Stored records

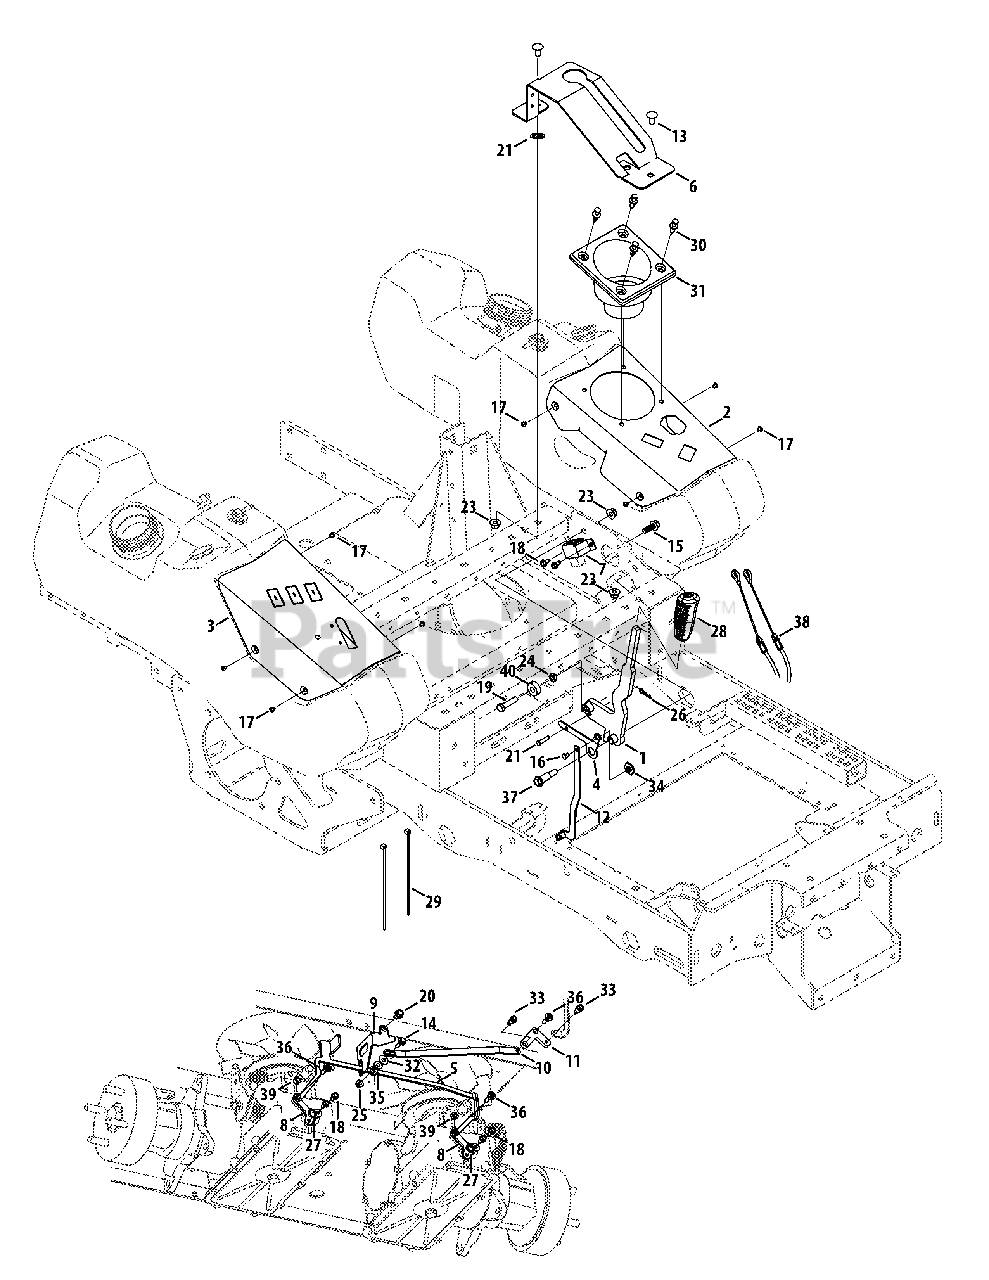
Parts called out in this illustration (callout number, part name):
1	Brake Handle Assembly
2	LH Control Panel
3	RH Control Panel
4	Dump Valve Release Lever
5	Dump Valve Actuator Bracket
6	Boot Brake Bracket
7	Brake Switch Mount
8	Transmission Bypass Lever
9	Neutral Switch Bracket
10	Transmission Actuator Arm
11	Neutral Pivot Control Lever
12	Neutral Arm
13	Carriage Bolt, 3/8-16 x .75
14	Hex Flange Screw, 1/4-20 x .75
15	Screw, 3/8-16 x 1.00
16	Screw, M6 x 8mm
17	Machine Screw, #10-32 x .25
18	Hex Flange Screw, 1/4-20 x .500
19	Hex Cap Screw, 3/8-16 x 1.50
20	Screw, 5/16-18 x .50
21	Clevis Pin, .25 x 1.00
22	Push Nut, 3/8
23	Nut, 3/8-16, Flangelock
24	Jam Nut, 3/8-16
25	Nut, 1/4-20, Hexflange
27	Retainer Ring
28	Grip, .50 ID
29	Cable Tie
30	Rivet, .3125
31	Cup Holder
32	Flat Washer, .283 x .750 x .030
33	Shoulder Screw, .342 x .335, 1/4-28
34	Shoulder Spacer, M6
35	Shoulder Spacer, .375 x .625 x .20
36	Shoulder Screw, .375 x .280, 1/4-14
37	Shoulder Bolt, .50 x .925, 3/8-16
38	Brake Cable
39	Spacer, .256 x .500 x .240
40	Spacer, .406 x 1.00 x .38
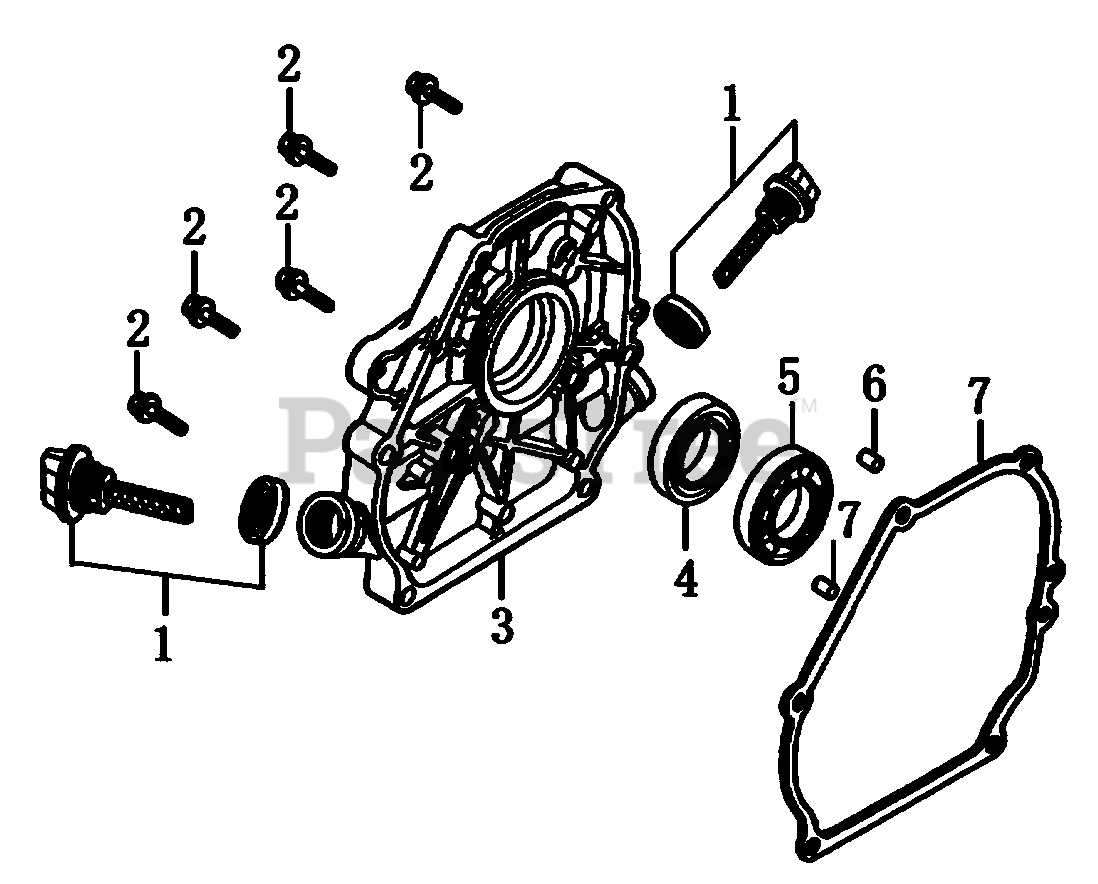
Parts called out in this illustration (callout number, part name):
1	GAUGE ASSY., OIL LEVEL
2	BOLT, FLANGE
3	CASE COVER
4	OIL SEAL 25X41.25X6
5	BEARING, RADIAL BALL
6	PIN, DOWEL
7	GASKET, CASE COVER
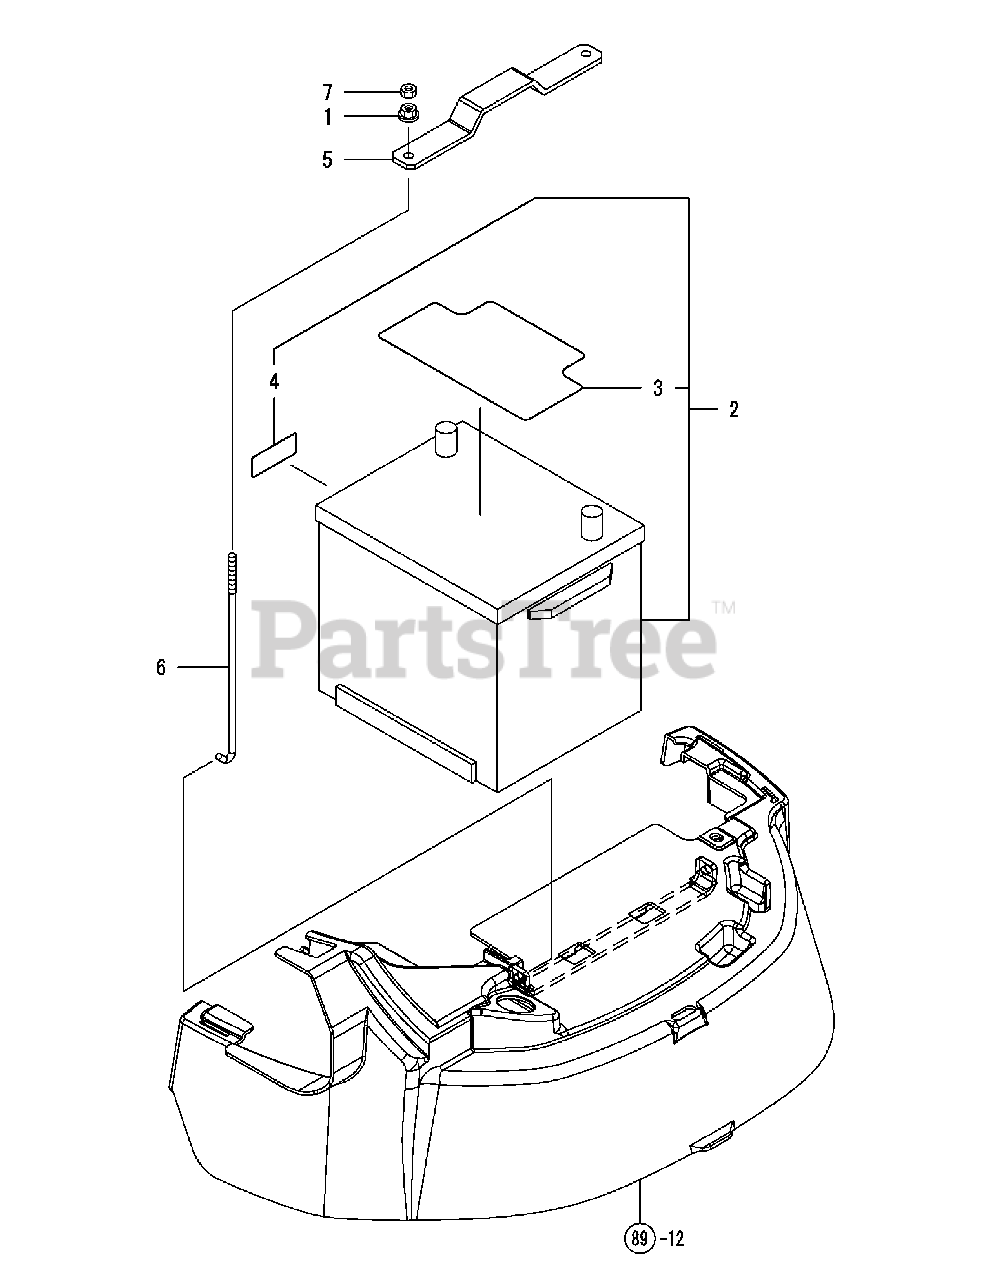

#### Task prompt
Please report how many lines in the records contain the string "Bracket", and write nothing besides that number.

#### Final answer
3